The Board recognises the importance of good corporate governance and considers that a strong corporate governance foundation is essential in delivering shareholder value. The QCA Code has ten principles that companies should look to apply within their business. Rockfire seeks to adhere to these principles to the highest level possible.
This link https://www.rockfireresources.com/company/corporate-governance-policy/ gives you our full Policy which is an explanation at a high level of how the Company currently complies with the principles of the QCA Code and, to the extent applicable, those areas where the Company’s corporate governance structures and practices differ from the expectations set out in the QCA Code. Annual updates will be provided on the Company’s compliance with the QCA Code.
– Audit Committee
The Audit Committee ensures the operation of good financial practices throughout the Group, ensures that controls are in place to protect the assets of the Group, reviews the integrity of financial information, reviews the interim and annual financial statements and reviews all aspects of the audit programme. The audit committee meets not less than twice in each financial year and has unrestricted access to the Group’s external auditors.
The Audit Committee is chaired by Mr. Ian Staunton and includes Patrick Elliott and Gordon Hart.
– Remuneration Committee
The Remuneration Committee is deemed to be an independent body for the purpose of establishing, monitoring and reviewing remuneration of the executives of the Company. Such remuneration may include salary, benefits, bonuses, Options and Key Performance Indicators.
The Remuneration Committee is Chaired by Mr.
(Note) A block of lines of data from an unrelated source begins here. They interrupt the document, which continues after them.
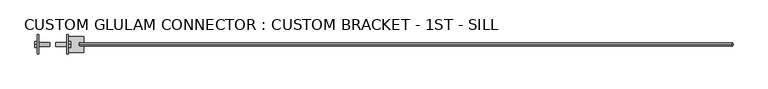
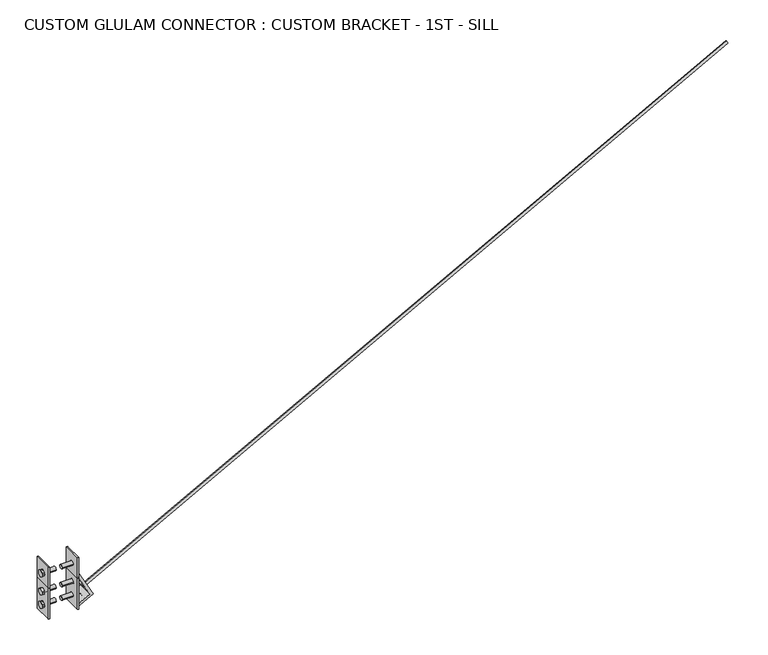
"""IFC4 building model written with IfcOpenShell, lengths in millimetres: fastener geometry, CUSTOM GLULAM CONNECTOR : CUSTOM BRACKET - 1ST - SILL."""

import ifcopenshell
import ifcopenshell.guid

model = None  # the IFC model being written
_history = None  # IfcOwnerHistory: only IFC2X3 demands one
_inside = {}  # id of a spatial element -> (the spatial element, [elements in it])
_under = {}  # id of a project, library or spatial element -> (it, [spatial elements below it])
_declared = {}  # id of a project -> (the project, [libraries it declares])
_typed = {}  # id of a type object -> (the type object, [elements of that type])
_made_of = {}  # id of a material, layer set ... -> (it, [elements and type objects made of it])


def new_model(schema):
    """Start an empty IFC model of exactly this schema.

    Asked for "IFC4X3", IfcOpenShell would pick the latest addendum, in which some entities
    have other attributes; the version numbers below select the first issue.
    IFC2X3 requires an IfcOwnerHistory on every rooted entity: one is made here for all.
    """
    global model, _history
    if schema == "IFC4X3":
        model = ifcopenshell.file(schema_version=(4, 3, 0, 0))
    else:
        model = ifcopenshell.file(schema=schema)
    _inside.clear()
    _under.clear()
    _declared.clear()
    _typed.clear()
    _made_of.clear()
    _history = None
    if model.schema == "IFC2X3":
        org = make("IfcOrganization", Name="unknown")
        user = make(
            "IfcPersonAndOrganization",
            ThePerson=make("IfcPerson", FamilyName="unknown"),
            TheOrganization=org,
        )
        app = make(
            "IfcApplication",
            ApplicationDeveloper=org,
            Version="unknown",
            ApplicationFullName="unknown",
            ApplicationIdentifier="unknown",
        )
        _history = make(
            "IfcOwnerHistory",
            OwningUser=user,
            OwningApplication=app,
            ChangeAction="ADDED",
            CreationDate=0,
        )
    return model


def make(cls, **values):
    """One entity of the class cls with the attributes given. An attribute that is None is left unset."""
    return model.create_entity(
        cls, **{name: value for name, value in values.items() if value is not None}
    )


def rooted(cls, **values):
    """An entity with a GlobalId (a new one), such as an element, a storey or a relation."""
    return make(cls, GlobalId=ifcopenshell.guid.new(), OwnerHistory=_history, **values)


def si_unit(unit_type, name, prefix=None):
    """IfcSIUnit, for example si_unit("LENGTHUNIT", "METRE", prefix="MILLI")."""
    return make("IfcSIUnit", UnitType=unit_type, Prefix=prefix, Name=name)


def assignment(units):
    """IfcUnitAssignment: the units of a project."""
    return None if units is None else make("IfcUnitAssignment", Units=units)


def point(xyz):
    """IfcCartesianPoint."""
    return None if xyz is None else make("IfcCartesianPoint", Coordinates=xyz)


def direction(xyz):
    """IfcDirection."""
    return None if xyz is None else make("IfcDirection", DirectionRatios=xyz)


def frame(location, z_axis=None, x_axis=None):
    """IfcAxis2Placement3D, a coordinate frame: its origin and axes. An axis left out is left unset."""
    return make(
        "IfcAxis2Placement3D",
        Location=point(location),
        Axis=direction(z_axis),
        RefDirection=direction(x_axis),
    )


def frame_2d(location, x_axis=None):
    """IfcAxis2Placement2D, a coordinate frame in the plane: its origin and x axis."""
    return make(
        "IfcAxis2Placement2D", Location=point(location), RefDirection=direction(x_axis)
    )


def origin():
    """The frame at (0, 0, 0) with its axes left unset."""
    return frame((0.0, 0.0, 0.0))


def place(relative_to, where):
    """IfcLocalPlacement: puts the frame where relative to a parent placement (None: the world)."""
    return make(
        "IfcLocalPlacement", PlacementRelTo=relative_to, RelativePlacement=where
    )


def context(
    kind, dimensions, precision=None, world=None, true_north=None, identifier=None
):
    """IfcGeometricRepresentationContext, for example the 3D "Model" context."""
    return make(
        "IfcGeometricRepresentationContext",
        ContextIdentifier=identifier,
        ContextType=kind,
        CoordinateSpaceDimension=dimensions,
        Precision=precision,
        WorldCoordinateSystem=world,
        TrueNorth=true_north,
    )


def project(units=None, contexts=None):
    """IfcProject with its units and contexts."""
    return rooted(
        "IfcProject",
        Name="project",
        RepresentationContexts=contexts,
        UnitsInContext=assignment(units),
    )


def spatial(cls, under=None, at=None, **own):
    """A site, building, storey or space (cls), placed at a placement, below another one or the project."""
    s = rooted(cls, ObjectPlacement=at, **own)
    if under is not None:
        _under.setdefault(under.id(), (under, []))[1].append(s)
    return s


def polyline(points):
    """IfcPolyline through the points."""
    return make("IfcPolyline", Points=[point(p) for p in points])


def circle_curve(where, radius):
    """IfcCircle in the frame where."""
    return make("IfcCircle", Position=where, Radius=radius)


def trimmed(basis, trim1, trim2, sense, master):
    """IfcTrimmedCurve: the piece of a basis curve between two trims."""
    return make(
        "IfcTrimmedCurve",
        BasisCurve=basis,
        Trim1=trim1,
        Trim2=trim2,
        SenseAgreement=sense,
        MasterRepresentation=master,
    )


def segment(curve, same_sense, transition):
    """IfcCompositeCurveSegment."""
    return make(
        "IfcCompositeCurveSegment",
        Transition=transition,
        SameSense=same_sense,
        ParentCurve=curve,
    )


def composite_curve(segments, self_intersect=None):
    """IfcCompositeCurve: segments joined end to end."""
    return make("IfcCompositeCurve", Segments=segments, SelfIntersect=self_intersect)


def outline(outer, holes=None, kind="AREA"):
    """IfcArbitraryClosedProfileDef: a profile drawn as a closed curve; with holes, ...WithVoids."""
    if holes is None:
        return make("IfcArbitraryClosedProfileDef", ProfileType=kind, OuterCurve=outer)
    return make(
        "IfcArbitraryProfileDefWithVoids",
        ProfileType=kind,
        OuterCurve=outer,
        InnerCurves=holes,
    )


def extrude(swept, where, along, depth):
    """IfcExtrudedAreaSolid: the profile swept, set in the frame where, extruded along a direction by depth."""
    return make(
        "IfcExtrudedAreaSolid",
        SweptArea=swept,
        Position=where,
        ExtrudedDirection=direction(along),
        Depth=depth,
    )


def shape(context_of_items, identifier, shape_type, items):
    """IfcShapeRepresentation: the items that make up one representation, for example the "Body"."""
    return make(
        "IfcShapeRepresentation",
        ContextOfItems=context_of_items,
        RepresentationIdentifier=identifier,
        RepresentationType=shape_type,
        Items=items,
    )


def source(mapping_origin, context_of_items, identifier, shape_type, items):
    """IfcRepresentationMap: a shape defined once, which mapped items show again and again."""
    return make(
        "IfcRepresentationMap",
        MappingOrigin=mapping_origin,
        MappedRepresentation=shape(context_of_items, identifier, shape_type, items),
    )


def transform(
    local_origin,
    x_axis=None,
    y_axis=None,
    z_axis=None,
    scale=None,
    scale2=None,
    scale3=None,
    uniform=True,
):
    """IfcCartesianTransformationOperator3D, or its non-uniform kind. x_axis, y_axis, z_axis: its Axis1, 2, 3."""
    if uniform:
        return make(
            "IfcCartesianTransformationOperator3D",
            Axis1=direction(x_axis),
            Axis2=direction(y_axis),
            LocalOrigin=point(local_origin),
            Scale=scale,
            Axis3=direction(z_axis),
        )
    return make(
        "IfcCartesianTransformationOperator3DnonUniform",
        Axis1=direction(x_axis),
        Axis2=direction(y_axis),
        LocalOrigin=point(local_origin),
        Scale=scale,
        Axis3=direction(z_axis),
        Scale2=scale2,
        Scale3=scale3,
    )


def mapped(mapping_source, mapping_target):
    """IfcMappedItem: shows the shape of a source again, moved by a transform."""
    return make(
        "IfcMappedItem", MappingSource=mapping_source, MappingTarget=mapping_target
    )


def made_of(thing, what):
    """Note that an element or type object is made of a material, layer set ...; save() writes the relation."""
    if what is not None:
        _made_of.setdefault(what.id(), (what, []))[1].append(thing)
    return thing


def element(
    cls,
    number,
    at=None,
    inside=None,
    cuts=None,
    type_object=None,
    material=None,
    context=None,
    identifier="Body",
    shape_type=None,
    held_by="IfcProductDefinitionShape",
    body=None,
    shapes=None,
    **own,
):
    """One element of the class cls, such as IfcWall. Its Tag is "e" and its number.

    at: its placement. inside: the storey or other place that contains it. cuts: it is an
    opening in that element (IfcRelVoidsElement). A single representation is given by context,
    identifier, shape_type and body (its items); several are given by shapes. held_by: the class
    of the entity that holds the representations. save() writes the other relations.
    """
    e = rooted(cls, Tag="e%d" % number, ObjectPlacement=at, **own)
    if body is not None:
        shapes = [shape(context, identifier, shape_type, body)]
    if shapes is not None:
        e.Representation = make(held_by, Representations=shapes)
    if inside is not None:
        _inside.setdefault(inside.id(), (inside, []))[1].append(e)
    if cuts is not None:
        rooted(
            "IfcRelVoidsElement", RelatingBuildingElement=cuts, RelatedOpeningElement=e
        )
    if type_object is not None:
        _typed.setdefault(type_object.id(), (type_object, []))[1].append(e)
    return made_of(e, material)


def aggregate(whole, parts):
    """IfcRelAggregates: a whole, such as a stair, and the parts it consists of."""
    return rooted("IfcRelAggregates", RelatingObject=whole, RelatedObjects=parts)


def save(model, path):
    """Write the relations noted so far, then the file.

    IfcRelAggregates (storeys below a building ...), IfcRelContainedInSpatialStructure (elements
    in a storey), IfcRelDefinesByType, IfcRelAssociatesMaterial and IfcRelDeclares: one each for
    every whole, place, type object, material and project.
    """
    for whole, parts in _under.values():
        aggregate(whole, parts)
    for where, things in _inside.values():
        rooted(
            "IfcRelContainedInSpatialStructure",
            RelatedElements=things,
            RelatingStructure=where,
        )
    for kind, things in _typed.values():
        rooted("IfcRelDefinesByType", RelatedObjects=things, RelatingType=kind)
    for what, things in _made_of.values():
        rooted("IfcRelAssociatesMaterial", RelatedObjects=things, RelatingMaterial=what)
    for by, libraries in _declared.values():
        rooted("IfcRelDeclares", RelatingContext=by, RelatedDefinitions=libraries)
    model.write(path)


def plane_surface(at):
    """IfcPlane: the flat surface through the origin of the frame at, square to its z axis."""
    return make("IfcPlane", Position=at)


def revolved_surface(curve, axis_point, axis_direction):
    """IfcSurfaceOfRevolution: the curve turned about the line through axis_point along axis_direction."""
    return make(
        "IfcSurfaceOfRevolution",
        SweptCurve=make("IfcArbitraryOpenProfileDef", ProfileType="CURVE", Curve=curve),
        AxisPosition=make("IfcAxis1Placement", Location=point(axis_point), Axis=direction(axis_direction)),
    )


def advanced_brep(points, edges, surfaces, faces):
    """IfcAdvancedBrep: a solid bounded by faces that lie on surfaces and meet in shared edges.

    An edge is (start, end): straight between two places in points (the first is 0);
    or (start, end, curve); or (start, end, curve, False) where it runs against its curve.
    A face is (place in surfaces, loops), or (place, loops, False) where it looks against
    its surface's normal. A loop lists edges by number (the first is 1), with a minus sign
    where the edge is run from its end to its start. The first loop is the outer one.
    """
    corners = [point(p) for p in points]
    vertices = [make("IfcVertexPoint", VertexGeometry=c) for c in corners]
    made = []
    for start, end, *more in edges:
        made.append(
            make(
                "IfcEdgeCurve",
                EdgeStart=vertices[start],
                EdgeEnd=vertices[end],
                EdgeGeometry=more[0] if more else make("IfcPolyline", Points=[corners[start], corners[end]]),
                SameSense=more[1] if len(more) > 1 else True,
            )
        )
    hull = []
    for where, loops, *sense in faces:
        bounds = []
        for j, loop in enumerate(loops):
            ring = [make("IfcOrientedEdge", EdgeElement=made[abs(k) - 1], Orientation=k > 0) for k in loop]
            bounds.append(
                make(
                    "IfcFaceOuterBound" if j == 0 else "IfcFaceBound",
                    Bound=make("IfcEdgeLoop", EdgeList=ring),
                    Orientation=True,
                )
            )
        hull.append(make("IfcAdvancedFace", Bounds=bounds, FaceSurface=surfaces[where], SameSense=sense[0] if sense else True))
    return make("IfcAdvancedBrep", Outer=make("IfcClosedShell", CfsFaces=hull))


def custom_glulam_connector_custom_bracket_1st_sill_41cb3a86(model_context):
    return source(origin(), model_context, "Body", "SolidModel", [
        advanced_brep(
        [(-87.3125, 13.890625, 160.3375), (-95.25, 13.890625, 160.3375), (-95.25, -13.890625, 160.3375), (-87.3125, -13.890625, 160.3375), (-95.25, -60.325, 211.1375), (-95.25, -52.3875, 211.1375), (-95.25, 60.325, 211.1375), (-95.25, 60.325, 7.9375), (-95.25, -52.3875, 7.9375), (-95.25, -60.325, 7.9375), (-95.25, -13.890625, 71.4375), (-95.25, 13.890625, 71.4375), (-87.3125, 13.890625, 71.4375), (-87.3125, -13.890625, 71.4375), (-87.3125, -60.325, 211.1375), (-87.3125, -60.325, 7.9375), (-87.3125, 60.325, 7.9375), (-87.3125, 60.325, 211.1375)],
        [
            (0, 1),
            (1, 2, circle_curve(frame((-95.25, 0.0, 160.3375), z_axis=(-1.0, 0.0, 0.0), x_axis=(0.0, -1.0, 0.0)), 13.890625)),
            (2, 3),
            (3, 0, circle_curve(frame((-87.3125, 0.0, 160.3375), z_axis=(1.0, 0.0, 0.0), x_axis=(0.0, -1.0, 0.0)), 13.890625)),
            (4, 5),
            (5, 6),
            (6, 7),
            (7, 8),
            (8, 9),
            (9, 4),
            (1, 2, circle_curve(frame((-95.25, 0.0, 160.3375), z_axis=(1.0, 0.0, 0.0), x_axis=(0.0, -1.0, 0.0)), 13.890625)),
            (10, 11, circle_curve(frame((-95.25, 0.0, 71.4375), z_axis=(1.0, 0.0, 0.0), x_axis=(0.0, -1.0, 0.0)), 13.890625)),
            (11, 10, circle_curve(frame((-95.25, 0.0, 71.4375), z_axis=(1.0, 0.0, 0.0), x_axis=(0.0, -1.0, 0.0)), 13.890625)),
            (11, 12),
            (12, 13, circle_curve(frame((-87.3125, 0.0, 71.4375), z_axis=(1.0, 0.0, 0.0), x_axis=(0.0, -1.0, 0.0)), 13.890625)),
            (13, 10),
            (0, 3, circle_curve(frame((-87.3125, 0.0, 160.3375), z_axis=(1.0, 0.0, 0.0), x_axis=(0.0, -1.0, 0.0)), 13.890625)),
            (13, 12, circle_curve(frame((-87.3125, 0.0, 71.4375), z_axis=(1.0, 0.0, 0.0), x_axis=(0.0, -1.0, 0.0)), 13.890625)),
            (14, 15),
            (15, 16),
            (16, 17),
            (17, 14),
            (4, 14),
            (17, 6),
            (16, 7),
            (15, 9),
        ],
        [
            revolved_surface(polyline([(-95.25, -13.890625, 160.3375), (-87.3125, -13.890625, 160.3375)]), (-87.3125, 0.0, 160.3375), (-1.0, 0.0, 0.0)),
            plane_surface(frame((-95.25, 60.325, 211.1375), z_axis=(-1.0, 0.0, 0.0), x_axis=(0.0, 1.0, 0.0))),
            revolved_surface(polyline([(-95.25, -13.890625, 71.4375), (-87.3125, -13.890625, 71.4375)]), (-87.3125, 0.0, 71.4375), (-1.0, 0.0, 0.0)),
            plane_surface(frame((-87.3125, 60.325, 211.1375), z_axis=(1.0, 0.0, 0.0), x_axis=(0.0, -1.0, 0.0))),
            plane_surface(frame((-95.25, -60.325, 211.1375), z_axis=(0.0, 0.0, 1.0), x_axis=(1.0, 0.0, 0.0))),
            plane_surface(frame((-95.25, 60.325, 211.1375), z_axis=(0.0, 1.0, 0.0), x_axis=(1.0, 0.0, 0.0))),
            plane_surface(frame((-95.25, 60.325, 7.9375), z_axis=(0.0, 0.0, -1.0), x_axis=(1.0, 0.0, 0.0))),
            plane_surface(frame((-95.25, -60.325, 7.9375), z_axis=(0.0, -1.0, 0.0), x_axis=(1.0, 0.0, 0.0))),
        ],
        [
            (0, [[1, 2, 3, 4]]),
            (1, [[5, 6, 7, 8, 9, 10], [-2, 11], [12, 13]]),
            (2, [[14, 15, 16, -13]]),
            (0, [[-1, 17, -3, -11]]),
            (2, [[-14, -12, -16, 18]]),
            (3, [[19, 20, 21, 22], [-4, -17], [-18, -15]]),
            (4, [[-6, -5, 23, -22, 24]]),
            (5, [[-7, -24, -21, 25]]),
            (6, [[-9, -8, -25, -20, 26]]),
            (7, [[-10, -26, -19, -23]]),
        ],
    ),
        extrude(outline(polyline([(19.05, 171.3360226), (19.05, 149.3389774), (0.0, 138.3404547), (-19.05, 149.3389774), (-19.05, 171.3360226), (0.0, 182.3345453), (19.05, 171.3360226)])), frame((-110.2320312, 0.0, 0.0), z_axis=(1.0, 0.0, 0.0), x_axis=(0.0, 1.0, 0.0)), (0.0, 0.0, 1.0), 14.9820312),
        extrude(outline(composite_curve([segment(trimmed(circle_curve(frame_2d((0.0, 160.3375)), 12.7), [point((12.7, 160.3375))], [point((-12.7, 160.3375))], False, "CARTESIAN"), True, "CONTINUOUS"), segment(trimmed(circle_curve(frame_2d((0.0, 160.3375)), 12.7), [point((-12.7, 160.3375))], [point((12.7, 160.3375))], False, "CARTESIAN"), True, "CONTINUOUS")], self_intersect=False)), frame((-95.25, 0.0, 0.0), z_axis=(1.0, 0.0, 0.0), x_axis=(0.0, 1.0, 0.0)), (0.0, 0.0, 1.0), 76.2),
        extrude(outline(polyline([(19.05, 82.4360226), (19.05, 60.4389774), (0.0, 49.4404547), (-19.05, 60.4389774), (-19.05, 82.4360226), (0.0, 93.4345453), (19.05, 82.4360226)])), frame((-110.2320312, 0.0, 0.0), z_axis=(1.0, 0.0, 0.0), x_axis=(0.0, 1.0, 0.0)), (0.0, 0.0, 1.0), 14.9820312),
        extrude(outline(composite_curve([segment(trimmed(circle_curve(frame_2d((0.0, 71.4375)), 12.7), [point((12.7, 71.4375))], [point((-12.7, 71.4375))], False, "CARTESIAN"), True, "CONTINUOUS"), segment(trimmed(circle_curve(frame_2d((0.0, 71.4375)), 12.7), [point((-12.7, 71.4375))], [point((12.7, 71.4375))], False, "CARTESIAN"), True, "CONTINUOUS")], self_intersect=False)), frame((-95.25, 0.0, 0.0), z_axis=(1.0, 0.0, 0.0), x_axis=(0.0, 1.0, 0.0)), (0.0, 0.0, 1.0), 76.2),
        extrude(outline(polyline([(19.05, 171.3360226), (19.05, 149.3389774), (0.0, 138.3404547), (-19.05, 149.3389774), (-19.05, 171.3360226), (0.0, 182.3345453), (19.05, 171.3360226)])), frame((-110.2320312, 0.0, 0.0), z_axis=(1.0, 0.0, 0.0), x_axis=(0.0, 1.0, 0.0)), (0.0, 0.0, 1.0), 14.9820312),
        extrude(outline(composite_curve([segment(trimmed(circle_curve(frame_2d((0.0, 160.3375)), 12.7), [point((12.7, 160.3375))], [point((-12.7, 160.3375))], False, "CARTESIAN"), True, "CONTINUOUS"), segment(trimmed(circle_curve(frame_2d((0.0, 160.3375)), 12.7), [point((-12.7, 160.3375))], [point((12.7, 160.3375))], False, "CARTESIAN"), True, "CONTINUOUS")], self_intersect=False)), frame((-95.25, 0.0, 0.0), z_axis=(1.0, 0.0, 0.0), x_axis=(0.0, 1.0, 0.0)), (0.0, 0.0, 1.0), 76.2),
        extrude(outline(polyline([(19.05, 171.3360226), (19.05, 149.3389774), (0.0, 138.3404547), (-19.05, 149.3389774), (-19.05, 171.3360226), (0.0, 182.3345453), (19.05, 171.3360226)])), frame((95.25, 0.0, 0.0), z_axis=(1.0, 0.0, 0.0), x_axis=(0.0, 1.0, 0.0)), (0.0, 0.0, 1.0), 14.9820312),
        extrude(outline(composite_curve([segment(trimmed(circle_curve(frame_2d((0.0, 160.3375)), 12.7), [point((12.7, 160.3375))], [point((-12.7, 160.3375))], False, "CARTESIAN"), True, "CONTINUOUS"), segment(trimmed(circle_curve(frame_2d((0.0, 160.3375)), 12.7), [point((-12.7, 160.3375))], [point((12.7, 160.3375))], False, "CARTESIAN"), True, "CONTINUOUS")], self_intersect=False)), frame((19.05, 0.0, 0.0), z_axis=(1.0, 0.0, 0.0), x_axis=(0.0, 1.0, 0.0)), (0.0, 0.0, 1.0), 76.2),
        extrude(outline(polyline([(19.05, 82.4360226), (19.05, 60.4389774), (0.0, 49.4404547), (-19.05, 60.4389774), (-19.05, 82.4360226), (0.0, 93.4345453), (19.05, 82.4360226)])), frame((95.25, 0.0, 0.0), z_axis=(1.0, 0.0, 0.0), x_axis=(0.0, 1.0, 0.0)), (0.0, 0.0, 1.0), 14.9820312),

Nicholas Walley and includes Patrick Elliott.
COUNTRY OF INCORPORATION
England and Wales
MAIN COUNTRY OF OPERATION
Australia and Papua New Guinea
The Group holds mineral exploration licences in Australia and a single exploration (subject to renewal approval) in Papua New Guinea
The company’s Articles of Association, Certificate of Incorporation and Trading Certificate can be downloaded from here.
Number on issue at 20 February 2019: 432,165,823 ordinary shares of £0.001 each
Percentage of ordinary shares not in public hands at 20 February 2019: 27.40%
Identity and percentage holdings of significant shareholders at 20 February 2019:
|Nicholas Walley *||11.84%|
|Paul & Michelle Johnson (Value Generation)||4.84%|
|Salida Capital (Europe) Limited||3.44%|
|David W Price *||3.15%|
|Edward Fry *||3.01%|
|South Pacific Mining Holdings Limited||2.63%|
* Directors and Management of Rockfire
There are no restrictions on the transfer of the Company’s AIM Securities. The Company has not applied for or agreed to have any of its securities admitted to or traded on any exchange or trading platform other than AIM.
The Company does not hold any shares in treasury.
AIM ADMISSION DOCUMENT
Since Rockfire Resources plc is incorporated in England and Wales, the Company is subject to the UK City Code on Takeovers and Mergers.
The annual accounts published pursuant to Rule 19 since Admission and the half yearly accounts published since the last published annual accounts pursuant to Rule 18, are to be found on the Company Reports page of the Company website.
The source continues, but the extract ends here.